» EXERCISE DIRECTIONS: Within the listing below, filter for "Ultrex" and copy every matching line.
***** PROVIDED ENTRIES *****
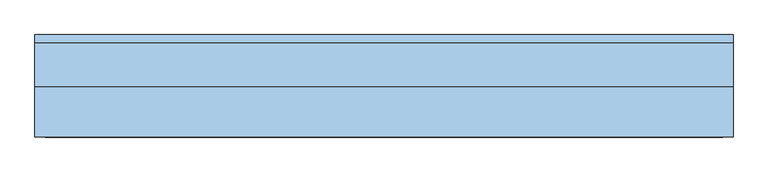
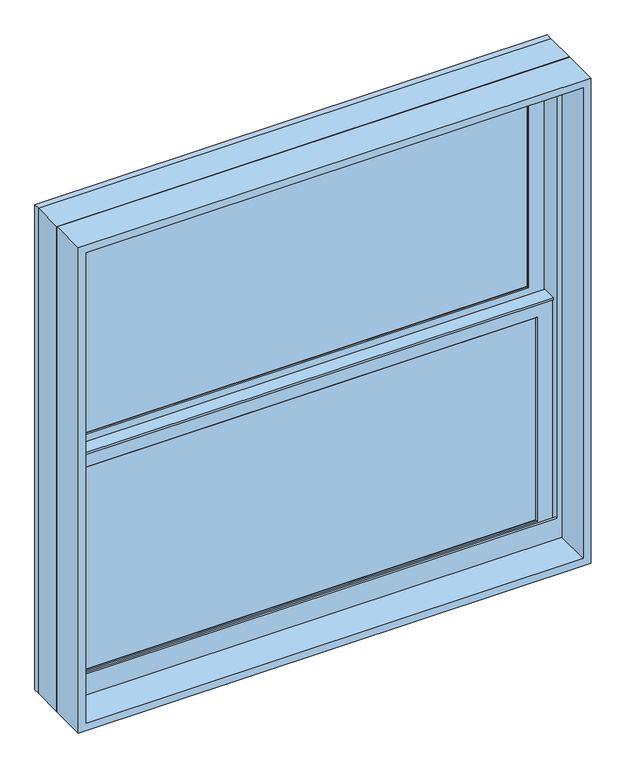
"""IFC4 building model written with IfcOpenShell, lengths in millimetres: window geometry, Window-Double_Hung-Marvin-Essential : ESDH3636."""

from ifc_helpers import new_model, si_unit, frame, origin, place, context, project, spatial, polyline, outline, extrude, faceted_brep, source, transform, mapped, element, save


def window_6cd664cb(model_context):
    return source(origin(), model_context, "Body", "SolidModel", [
        extrude(outline(polyline([(166.1583333, 20.6375), (166.1583333, 15.875), (147.1083333, 15.875), (147.1083333, 20.6375), (166.1583333, 20.6375)])), frame((0.0, 0.0, 1441.45), z_axis=(0.0, 0.0, 1.0), x_axis=(1.0, 0.0, 0.0)), (0.0, 0.0, 1.0), 450.85),
        extrude(outline(polyline([(-147.1083333, 20.6375), (-147.1083333, 15.875), (-166.1583333, 15.875), (-166.1583333, 20.6375), (-147.1083333, 20.6375)])), frame((0.0, 0.0, 1441.45), z_axis=(0.0, 0.0, 1.0), x_axis=(1.0, 0.0, 0.0)), (0.0, 0.0, 1.0), 450.85),
        extrude(outline(polyline([(469.9, 20.6375), (469.9, 15.875), (-469.9, 15.875), (-469.9, 20.6375), (469.9, 20.6375)])), frame((0.0, 0.0, 1657.35), z_axis=(0.0, 0.0, 1.0), x_axis=(1.0, 0.0, 0.0)), (0.0, 0.0, 1.0), 19.05),
        extrude(outline(polyline([(-166.1583333, 46.83125), (-166.1583333, 51.59375), (-147.1083333, 51.59375), (-147.1083333, 46.83125), (-166.1583333, 46.83125)])), frame((0.0, 0.0, 1930.4), z_axis=(0.0, 0.0, 1.0), x_axis=(1.0, 0.0, 0.0)), (0.0, 0.0, 1.0), 450.85),
        extrude(outline(polyline([(147.1083333, 46.83125), (147.1083333, 51.59375), (166.1583333, 51.59375), (166.1583333, 46.83125), (147.1083333, 46.83125)])), frame((0.0, 0.0, 1930.4), z_axis=(0.0, 0.0, 1.0), x_axis=(1.0, 0.0, 0.0)), (0.0, 0.0, 1.0), 450.85),
        extrude(outline(polyline([(-469.9, 46.83125), (-469.9, 51.59375), (469.9, 51.59375), (469.9, 46.83125), (-469.9, 46.83125)])), frame((0.0, 0.0, 2146.3), z_axis=(0.0, 0.0, 1.0), x_axis=(1.0, 0.0, 0.0)), (0.0, 0.0, 1.0), 19.05),
        extrude(outline(polyline([(166.1583333, 20.6375), (147.1083333, 20.6375), (147.1083333, 25.4), (166.1583333, 25.4), (166.1583333, 20.6375)])), frame((0.0, 0.0, 1441.45), z_axis=(0.0, 0.0, 1.0), x_axis=(1.0, 0.0, 0.0)), (0.0, 0.0, 1.0), 450.85),
        extrude(outline(polyline([(-147.1083333, 20.6375), (-166.1583333, 20.6375), (-166.1583333, 25.4), (-147.1083333, 25.4), (-147.1083333, 20.6375)])), frame((0.0, 0.0, 1441.45), z_axis=(0.0, 0.0, 1.0), x_axis=(1.0, 0.0, 0.0)), (0.0, 0.0, 1.0), 450.85),
        extrude(outline(polyline([(469.9, 20.6375), (-469.9, 20.6375), (-469.9, 25.4), (469.9, 25.4), (469.9, 20.6375)])), frame((0.0, 0.0, 1657.35), z_axis=(0.0, 0.0, 1.0), x_axis=(1.0, 0.0, 0.0)), (0.0, 0.0, 1.0), 19.05),
        extrude(outline(polyline([(-166.1583333, 56.35625), (-147.1083333, 56.35625), (-147.1083333, 51.59375), (-166.1583333, 51.59375), (-166.1583333, 56.35625)])), frame((0.0, 0.0, 1930.4), z_axis=(0.0, 0.0, 1.0), x_axis=(1.0, 0.0, 0.0)), (0.0, 0.0, 1.0), 450.85),
        extrude(outline(polyline([(147.1083333, 56.35625), (166.1583333, 56.35625), (166.1583333, 51.59375), (147.1083333, 51.59375), (147.1083333, 56.35625)])), frame((0.0, 0.0, 1930.4), z_axis=(0.0, 0.0, 1.0), x_axis=(1.0, 0.0, 0.0)), (0.0, 0.0, 1.0), 450.85),
        extrude(outline(polyline([(-469.9, 56.35625), (469.9, 56.35625), (469.9, 51.59375), (-469.9, 51.59375), (-469.9, 56.35625)])), frame((0.0, 0.0, 2146.3), z_axis=(0.0, 0.0, 1.0), x_axis=(1.0, 0.0, 0.0)), (0.0, 0.0, 1.0), 19.05),
        faceted_brep([(-496.8875, 5.6780605, 1922.3351748), (-496.8875, 5.6780605, 1917.7), (496.8875, 5.6780605, 1917.7), (496.8875, 5.6780605, 1922.3351748), (-496.8875, 34.8118605, 1922.3351748), (496.8875, 34.8118605, 1922.3351748), (496.8875, 34.8118605, 1917.7), (-496.8875, 34.8118605, 1917.7), (-496.8875, 30.1625, 1917.7), (-496.8875, 30.1625, 1414.4625), (-496.8875, 8.9241104, 1414.4625), (-496.8875, 8.9241104, 1917.7), (496.8875, 8.9241104, 1917.7), (496.8875, 30.1625, 1917.7), (496.8875, 8.9241104, 1414.4625), (496.8875, 30.1625, 1414.4625), (-481.0034752, 11.90625, 1903.4034752), (-481.0034752, 30.1625, 1903.4034752), (481.0034752, 30.1625, 1903.4034752), (481.0034752, 11.90625, 1903.4034752), (-464.34375, 10.4662439, 1886.74375), (-464.34375, 11.90625, 1886.74375), (464.34375, 11.90625, 1886.74375), (464.34375, 10.4662439, 1886.74375), (465.8858834, 8.9241104, 1888.2858834), (-465.8858834, 8.9241104, 1888.2858834), (481.0034752, 30.1625, 1430.3465248), (481.0034752, 11.90625, 1430.3465248), (464.34375, 11.90625, 1447.00625), (464.34375, 10.4662439, 1447.00625), (465.8858834, 8.9241104, 1445.4641166), (-481.0034752, 30.1625, 1430.3465248), (-481.0034752, 11.90625, 1430.3465248), (-464.34375, 11.90625, 1447.00625), (-464.34375, 10.4662439, 1447.00625), (-465.8858834, 8.9241104, 1445.4641166)], [[[0, 1, 2, 3]], [[4, 5, 6, 7]], [[1, 0, 4, 7, 8, 9, 10, 11]], [[2, 1, 11, 12]], [[7, 6, 13, 8]], [[3, 2, 12, 14, 15, 13, 6, 5]], [[0, 3, 5, 4]], [[16, 17, 18, 19]], [[20, 21, 22, 23]], [[20, 23, 24, 25]], [[19, 18, 26, 27]], [[23, 22, 28, 29]], [[24, 23, 29, 30]], [[27, 26, 31, 32]], [[29, 28, 33, 34]], [[30, 29, 34, 35]], [[15, 14, 10, 9]], [[15, 9, 8, 13], [18, 17, 31, 26]], [[17, 16, 32, 31]], [[16, 19, 27, 32], [22, 21, 33, 28]], [[21, 20, 34, 33]], [[20, 25, 35, 34]], [[10, 14, 12, 11], [25, 24, 30, 35]]]),
        extrude(outline(polyline([(38.5955581, 1903.4125), (33.5778968, 1903.4125), (33.5778968, 1905.0), (39.9405976, 1905.0), (39.9405976, 1903.4125), (61.515625, 1903.4125), (47.6307501, 1900.0975159), (38.5955581, 1900.0975159), (38.5955581, 1903.4125)])), frame((-496.8875, 0.0, 0.0), z_axis=(1.0, 0.0, 0.0), x_axis=(0.0, 1.0, 0.0)), (0.0, 0.0, 1.0), 993.775),
        faceted_brep([(527.05, 0.0, 1384.3), (527.05, 0.0, 2438.4), (-527.05, 0.0, 2438.4), (-527.05, 0.0, 1384.3), (500.85625, 0.0, 1445.41875), (-500.85625, 0.0, 1445.41875), (-500.85625, 0.0, 2412.20625), (500.85625, 0.0, 2412.20625), (500.85625, 3.96875, 1384.3), (-500.85625, 3.96875, 1384.3), (-500.85625, 3.96875, 1445.41875), (500.85625, 3.96875, 1445.41875), (-527.05, 65.6828125, 1384.3), (-500.85625, 65.6828125, 1384.3), (500.85625, 65.6828125, 1384.3), (527.05, 65.6828125, 1384.3), (-527.05, 65.6828125, 2438.4), (527.05, 65.6828125, 2438.4), (500.85625, 65.6828125, 2412.20625), (-500.85625, 65.6828125, 2412.20625)], [[[0, 1, 2, 3], [4, 5, 6, 7]], [[8, 9, 10, 11]], [[5, 4, 11, 10]], [[0, 3, 12, 13, 9, 8, 14, 15]], [[13, 12, 16, 17, 15, 14, 18, 19]], [[13, 19, 6, 5, 10, 9]], [[7, 6, 19, 18]], [[18, 14, 8, 11, 4, 7]], [[1, 0, 15, 17]], [[2, 1, 17, 16]], [[3, 2, 16, 12]]]),
        faceted_brep([(500.85625, 30.1625, 1911.35), (499.26875, 30.1625, 1911.35), (499.26875, 30.1625, 1408.6544613), (500.85625, 30.1625, 1408.6544613), (-499.26875, 30.1625, 1911.35), (-500.85625, 30.1625, 1911.35), (-500.85625, 30.1625, 1408.6544613), (-499.26875, 30.1625, 1408.6544613), (499.26875, 63.5, 1911.35), (500.85625, 63.5, 1911.35), (500.85625, 63.5, 1402.1743077), (499.26875, 63.5, 1402.1743077), (-500.85625, 63.5, 1911.35), (-499.26875, 63.5, 1911.35), (-499.26875, 63.5, 1402.1743077), (-500.85625, 63.5, 1402.1743077), (512.1108932, 3.96875, 1413.7460105), (512.1108932, 3.96875, 1384.3), (512.1108932, 65.6828125, 1384.3), (512.1108932, 65.6828125, 1401.750012), (-512.1108932, 3.96875, 1384.3), (-512.1108932, 3.96875, 1413.7460105), (-512.1108932, 65.6828125, 1401.750012), (-512.1108932, 65.6828125, 1384.3), (512.1108932, 78.58125, 1399.2428097), (-512.1108932, 78.58125, 1399.2428097), (-510.0971252, 68.2348864, 1401.2539391), (-492.13135, 68.2348864, 1401.2539391), (-492.13135, 65.6828125, 1401.750012), (492.13135, 65.6828125, 1401.750012), (492.13135, 68.2348864, 1401.2539391), (510.0971252, 68.2348864, 1401.2539391), (-527.05, 65.6828125, 1384.3), (-527.05, 78.5948249, 1384.3), (527.05, 78.5948249, 1384.3), (527.05, 65.6828125, 1384.3), (-527.05, 78.58125, 2438.4), (527.05, 78.58125, 2438.4), (512.1108932, 78.58125, 2423.4608932), (-512.1108932, 78.58125, 2423.4608932), (-527.05, 65.6828125, 2438.4), (-510.0971252, 68.2348864, 2421.4471252), (510.0971252, 68.2348864, 2421.4471252), (492.13135, 68.2348864, 2403.48135), (-492.13135, 68.2348864, 2403.48135), (-492.13135, 65.6828125, 2403.48135), (492.13135, 65.6828125, 2403.48135), (527.05, 65.6828125, 2438.4)], [[[0, 1, 2, 3]], [[4, 5, 6, 7]], [[8, 9, 10, 11]], [[12, 13, 14, 15]], [[1, 8, 11, 2]], [[9, 0, 3, 10]], [[1, 0, 9, 8]], [[5, 4, 13, 12]], [[5, 12, 15, 6]], [[13, 4, 7, 14]], [[16, 17, 18, 19]], [[20, 21, 22, 23]], [[24, 25, 26, 27, 28, 22, 21, 16, 19, 29, 30, 31], [3, 2, 11, 10], [7, 6, 15, 14]], [[17, 16, 21, 20]], [[17, 20, 23, 32, 33, 34, 35, 18]], [[34, 33, 36, 37], [25, 24, 38, 39]], [[33, 32, 40, 36]], [[39, 41, 26, 25]], [[41, 42, 31, 30, 43, 44, 27, 26]], [[44, 45, 28, 27]], [[40, 32, 23, 22, 28, 45, 46, 29, 19, 18, 35, 47]], [[36, 40, 47, 37]], [[39, 38, 42, 41]], [[44, 43, 46, 45]], [[34, 37, 47, 35]], [[42, 38, 24, 31]], [[46, 43, 30, 29]]]),
        extrude(outline(polyline([(477.04375, 11.90625), (-477.04375, 11.90625), (-477.04375, 15.08125), (477.04375, 15.08125), (477.04375, 11.90625)])), frame((0.0, 0.0, 1434.30625), z_axis=(0.0, 0.0, 1.0), x_axis=(1.0, 0.0, 0.0)), (0.0, 0.0, 1.0), 465.1375),
        extrude(outline(polyline([(477.04375, 42.8625), (-477.04375, 42.8625), (-477.04375, 46.0375), (477.04375, 46.0375), (477.04375, 42.8625)])), frame((0.0, 0.0, 1923.25625), z_axis=(0.0, 0.0, 1.0), x_axis=(1.0, 0.0, 0.0)), (0.0, 0.0, 1.0), 465.1375),
        faceted_brep([(-464.34375, 31.194477, 1886.74375), (-465.8858834, 32.7366104, 1888.2858834), (465.8858834, 32.7366104, 1888.2858834), (464.34375, 31.194477, 1886.74375), (-464.34375, 30.1625, 1886.74375), (464.34375, 30.1625, 1886.74375), (-496.8875, 32.7366104, 1919.2875), (-496.8875, 30.1625, 1919.2875), (496.8875, 30.1625, 1919.2875), (496.8875, 32.7366104, 1919.2875), (465.8858834, 32.7366104, 1445.4641166), (464.34375, 31.194477, 1447.00625), (464.34375, 30.1625, 1447.00625), (496.8875, 30.1625, 1414.4625), (496.8875, 32.7366104, 1414.4625), (-465.8858834, 32.7366104, 1445.4641166), (-464.34375, 31.194477, 1447.00625), (-464.34375, 30.1625, 1447.00625), (-496.8875, 30.1625, 1414.4625), (-496.8875, 32.7366104, 1414.4625)], [[[0, 1, 2, 3]], [[4, 0, 3, 5]], [[6, 7, 8, 9]], [[3, 2, 10, 11]], [[5, 3, 11, 12]], [[9, 8, 13, 14]], [[11, 10, 15, 16]], [[12, 11, 16, 17]], [[14, 13, 18, 19]], [[9, 14, 19, 6], [1, 15, 10, 2]], [[16, 15, 1, 0]], [[17, 16, 0, 4]], [[7, 18, 13, 8], [5, 12, 17, 4]], [[19, 18, 7, 6]]]),
        faceted_brep([(-481.0034752, 42.8625, 2392.3534752), (-481.0034752, 61.11875, 2392.3534752), (481.0034752, 61.11875, 2392.3534752), (481.0034752, 42.8625, 2392.3534752), (-464.34375, 41.4224939, 2375.69375), (-464.34375, 42.8625, 2375.69375), (464.34375, 42.8625, 2375.69375), (464.34375, 41.4224939, 2375.69375), (-465.8858834, 39.8803604, 2377.2358834), (465.8858834, 39.8803604, 2377.2358834), (-496.8875, 61.11875, 2408.2375), (-496.8875, 39.8803604, 2408.2375), (496.8875, 39.8803604, 2408.2375), (496.8875, 61.11875, 2408.2375), (481.0034752, 61.11875, 1919.2965248), (481.0034752, 42.8625, 1919.2965248), (464.34375, 42.8625, 1935.95625), (464.34375, 41.4224939, 1935.95625), (465.8858834, 39.8803604, 1934.4141166), (496.8875, 39.8803604, 1903.4125), (496.8875, 61.11875, 1903.4125), (-481.0034752, 61.11875, 1919.2965248), (-481.0034752, 42.8625, 1919.2965248), (-464.34375, 42.8625, 1935.95625), (-464.34375, 41.4224939, 1935.95625), (-465.8858834, 39.8803604, 1934.4141166), (-496.8875, 39.8803604, 1903.4125), (-496.8875, 61.11875, 1903.4125)], [[[0, 1, 2, 3]], [[4, 5, 6, 7]], [[8, 4, 7, 9]], [[10, 11, 12, 13]], [[3, 2, 14, 15]], [[7, 6, 16, 17]], [[9, 7, 17, 18]], [[13, 12, 19, 20]], [[15, 14, 21, 22]], [[17, 16, 23, 24]], [[18, 17, 24, 25]], [[20, 19, 26, 27]], [[13, 20, 27, 10], [1, 21, 14, 2]], [[22, 21, 1, 0]], [[3, 15, 22, 0], [5, 23, 16, 6]], [[24, 23, 5, 4]], [[25, 24, 4, 8]], [[11, 26, 19, 12], [9, 18, 25, 8]], [[27, 26, 11, 10]]]),
        faceted_brep([(-496.8875, 61.11875, 1903.4125), (-496.8875, 63.6928604, 1903.4125), (496.8875, 63.6928604, 1903.4125), (496.8875, 61.11875, 1903.4125), (-464.34375, 62.150727, 1935.95625), (-464.34375, 61.11875, 1935.95625), (464.34375, 61.11875, 1935.95625), (464.34375, 62.150727, 1935.95625), (-465.8858834, 63.6928604, 1934.4141166), (465.8858834, 63.6928604, 1934.4141166), (496.8875, 63.6928604, 2408.2375), (496.8875, 61.11875, 2408.2375), (464.34375, 61.11875, 2375.69375), (464.34375, 62.150727, 2375.69375), (465.8858834, 63.6928604, 2377.2358834), (-496.8875, 63.6928604, 2408.2375), (-496.8875, 61.11875, 2408.2375), (-464.34375, 61.11875, 2375.69375), (-464.34375, 62.150727, 2375.69375), (-465.8858834, 63.6928604, 2377.2358834)], [[[0, 1, 2, 3]], [[4, 5, 6, 7]], [[8, 4, 7, 9]], [[3, 2, 10, 11]], [[7, 6, 12, 13]], [[9, 7, 13, 14]], [[11, 10, 15, 16]], [[13, 12, 17, 18]], [[14, 13, 18, 19]], [[16, 15, 1, 0]], [[3, 11, 16, 0], [5, 17, 12, 6]], [[18, 17, 5, 4]], [[19, 18, 4, 8]], [[1, 15, 10, 2], [9, 14, 19, 8]]]),
        extrude(outline(polyline([(477.04375, 26.19375), (-477.04375, 26.19375), (-477.04375, 30.1625), (477.04375, 30.1625), (477.04375, 26.19375)])), frame((0.0, 0.0, 1434.30625), z_axis=(0.0, 0.0, 1.0), x_axis=(1.0, 0.0, 0.0)), (0.0, 0.0, 1.0), 465.1375),
        extrude(outline(polyline([(477.04375, 57.15), (-477.04375, 57.15), (-477.04375, 61.11875), (477.04375, 61.11875), (477.04375, 57.15)])), frame((0.0, 0.0, 1923.25625), z_axis=(0.0, 0.0, 1.0), x_axis=(1.0, 0.0, 0.0)), (0.0, 0.0, 1.0), 465.1375),
        extrude(outline(polyline([(2438.4, 527.05), (2438.4, -527.05), (1384.3, -527.05), (1384.3, 527.05), (2438.4, 527.05)]), holes=[polyline([(2422.525, 511.175), (1400.175, 511.175), (1400.175, -511.175), (2422.525, -511.175), (2422.525, 511.175)])]), frame((0.0, -76.2, 0.0), z_axis=(0.0, 1.0, 0.0), x_axis=(0.0, 0.0, 1.0)), (0.0, 0.0, 1.0), 75.40625),
    ])


if __name__ == "__main__":
    model = new_model("IFC4")
    model_context = context("Model", 3, world=origin())
    ifc_project = project(units=[si_unit("LENGTHUNIT", "METRE", prefix="MILLI")], contexts=[model_context])
    site = spatial("IfcSite", under=ifc_project)
    building = spatial("IfcBuilding", under=site)
    placement = place(None, origin())
    window_shape = window_6cd664cb(model_context)
    element("IfcWindow", 1, ObjectType="Window-Double_Hung-Marvin-Essential : ESDH3636", at=placement, inside=building, context=model_context, shape_type="MappedRepresentation", body=[
        mapped(window_shape, transform((0.0, 0.0, 0.0), x_axis=(1.0, 0.0, 0.0), y_axis=(0.0, 1.0, 0.0), z_axis=(0.0, 0.0, 1.0))),
    ])
    save(model, "model.ifc")

# Revit data of these elements
# Type "Window-Double_Hung-Marvin-Essential : ESDH3636"
#   Type Mark = "45"
#   Window Type = "Essential Double Hung"
#   Product data url = "https://bimobject.com/marvin-windows-and-doors/product/marvin-dhwau"
#   Product Guid = "c4a96547-874c-4385-91dc-a058adc19d98"
#   Frame = "All Ultrex"
#   Egress Window = "No"
#   URL = "www.marvin.com"
#   Model = "ESDH3636"
#   Manufacturer = "Marvin Windows and Doors"
#   Label Egress = ""
#   Glass Type = "IG Low E II with Argon"
#   Design Pressure = "DP50"
#   Description = "4242 DBHG"
#   Analytic Construction = "<None>"
#   Prairie Corner Width = 0' - 4"
#   Prairie Corner Height = 0' - 4"
#   Egress Width = 3' - 2 9/16"
#   Egress Height = 1' - 4 27/128"
#   Rough Width = 3' - 6"
#   Rough Height = 3' - 6"
#   Nominal Width = 3' - 6"
#   Nominal Height = 3' - 6"
#   Inset to Installation Flange [instance default] = 0' - 1"
#   Height = 3' - 5 1/2"
#   Egress Area = 4.34121 SF
#   Default Head Height = 8' - 0"
#   Width = 3' - 5 1/2"
#   Daylight Area = 8.7915 SF
#   DLO Width = 3' - 0 9/16"
#   DLO Height = 1' - 5 5/16"
#   Muntins Top Sash = yes
#   Lites Wide Top Sash = 3
#   Lites Wide Bottom Sash = 3
#   Lites High Top Sash = 2
#   Lites High Bottom Sash = 2
#   Lite Cut Prairie 9 = no
#   Lite Cut HV Grid = yes
#   Muntins Bottom Sash = yes
#   Label Visibility = no
#   Jamb Extension Visibility = yes
#   Edition number = 1
#   Interior Material = Ultrex-Marvin-Stonewhite
#   Glazing Material = Glass-Marvin-IG Low E II with Argon
#   Cladding Material = Ultrex-Marvin-Pebblegray
#   Wall Closure = (empty or 0)
#   Assembly Code = ""
# Element 1 (IfcWindow, "Window-Double_Hung-Marvin-Essential : ESDH3636")
#   Materials on its faces: "Ultrex-Marvin-Pebblegray", "Ultrex-Marvin-Stonewhite", "Glass-Marvin-IG Low E II with Argon"
# Materials
#   "Ultrex-Marvin-Stonewhite": class "Paint", colour RGB 250 251 245, transparency 0
#   "Glass-Marvin-IG Low E II with Argon": class "Glass", colour RGB 0 128 192, transparency 0.85
#   "Ultrex-Marvin-Pebblegray": class "Paint", colour RGB 189 185 173, transparency 0
*****
» TASK RESULT:
#   Frame = "All Ultrex"
#   Interior Material = Ultrex-Marvin-Stonewhite
#   Cladding Material = Ultrex-Marvin-Pebblegray
#   Materials on its faces: "Ultrex-Marvin-Pebblegray", "Ultrex-Marvin-Stonewhite", "Glass-Marvin-IG Low E II with Argon"
#   "Ultrex-Marvin-Stonewhite": class "Paint", colour RGB 250 251 245, transparency 0
#   "Ultrex-Marvin-Pebblegray": class "Paint", colour RGB 189 185 173, transparency 0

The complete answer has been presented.